All of which is to say, Glover’s life has probably gotten stranger. The long-awaited second season of Atlanta, whose first episode airs on FX Thursday night, is as surreal and ingenious as the first, which featured a black Justin Bieber, a satirical episode framed as a TV talk show, and the final revelation that the constantly broke Earn (Glover) was essentially homeless and living in a storage unit. But the first three episodes made available for review also seem to respond to the weirdness and the anxiety of making it big, as the career of Earn’s cousin, the rapper Paper Boi (Brian Tyree Henry), takes off, and both he and Earn—his manager—start to make more money.
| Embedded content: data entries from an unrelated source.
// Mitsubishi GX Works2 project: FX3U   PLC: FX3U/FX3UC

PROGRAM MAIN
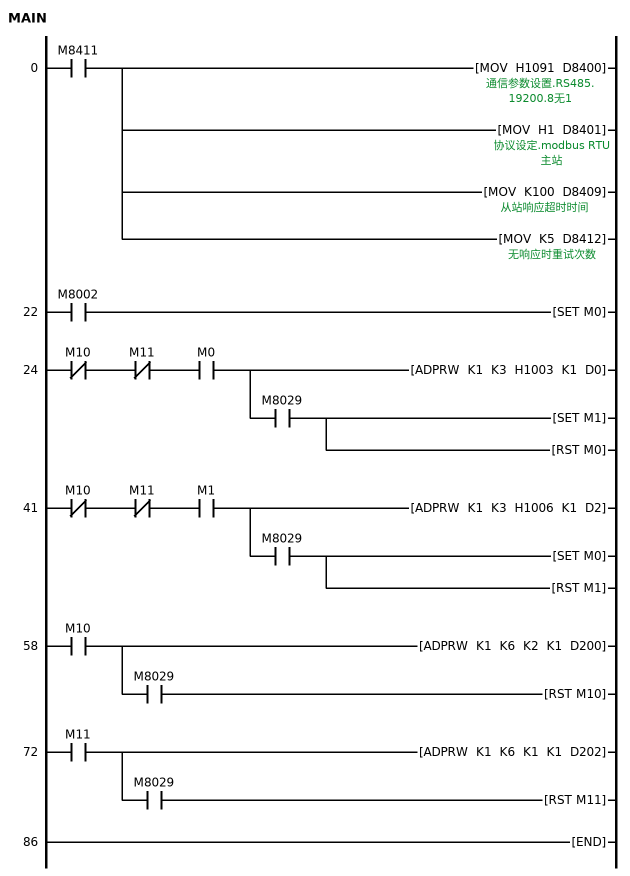
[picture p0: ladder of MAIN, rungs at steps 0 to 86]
0     LD      M8411
      MOV     H1091 D8400  ; 通信参数设置.RS485.19200.8无1
      MOV     H1 D8401  ; 协议设定.modbus RTU 主站
      MOV     K100 D8409  ; 从站响应超时时间
      MOV     K5 D8412  ; 无响应时重试次数
22    LD      M8002
      SET     M0
24    LDI     M10
      ANI     M11
      AND     M0
      ADPRW   K1 K3 H1003 K1 D0
      AND     M8029
      SET     M1
      RST     M0
41    LDI     M10
      ANI     M11
      AND     M1
      ADPRW   K1 K3 H1006 K1 D2
      AND     M8029
      SET     M0
      RST     M1
58    LD      M10
      ADPRW   K1 K6 K2 K1 D200
      AND     M8029
      RST     M10
72    LD      M11
      ADPRW   K1 K6 K1 K1 D202
      AND     M8029
      RST     M11
86    END
END_PROGRAM

In the third episode, “Money Bag Shawty,” the pair is harassed by a waiter who’s trying to monetize his famous guest, and in the second, “Sportin’ Waves,” Paper Boi can’t even find a new drug dealer who won’t secretly photograph him and Instagram their encounters.

Atlanta is inarguably one of the best, most innovative shows currently being made. Written largely by Donald and Stephen Glover, and an all-black writers’ room staffed by people with a deep knowledge of the city, the series is rooted in a specific place, and its intimate relationship with a “magic city,” as my colleague Vann Newkirk wrote in 2016. Its distinct visual style, created by the music-video director Hiro Murai, turns even the most dreary settings into punchy, saturated images. But the key element of Atlanta is its willingness to push boundaries—to flip from violence to humor and back again with unnerving speed, or to spend an entire half-hour episode without Glover’s character, pondering the intersection of racism and transphobia via a fake show named Montague (punctuated by fictional TV ads for Dodge Chargers and Swisher Sweets).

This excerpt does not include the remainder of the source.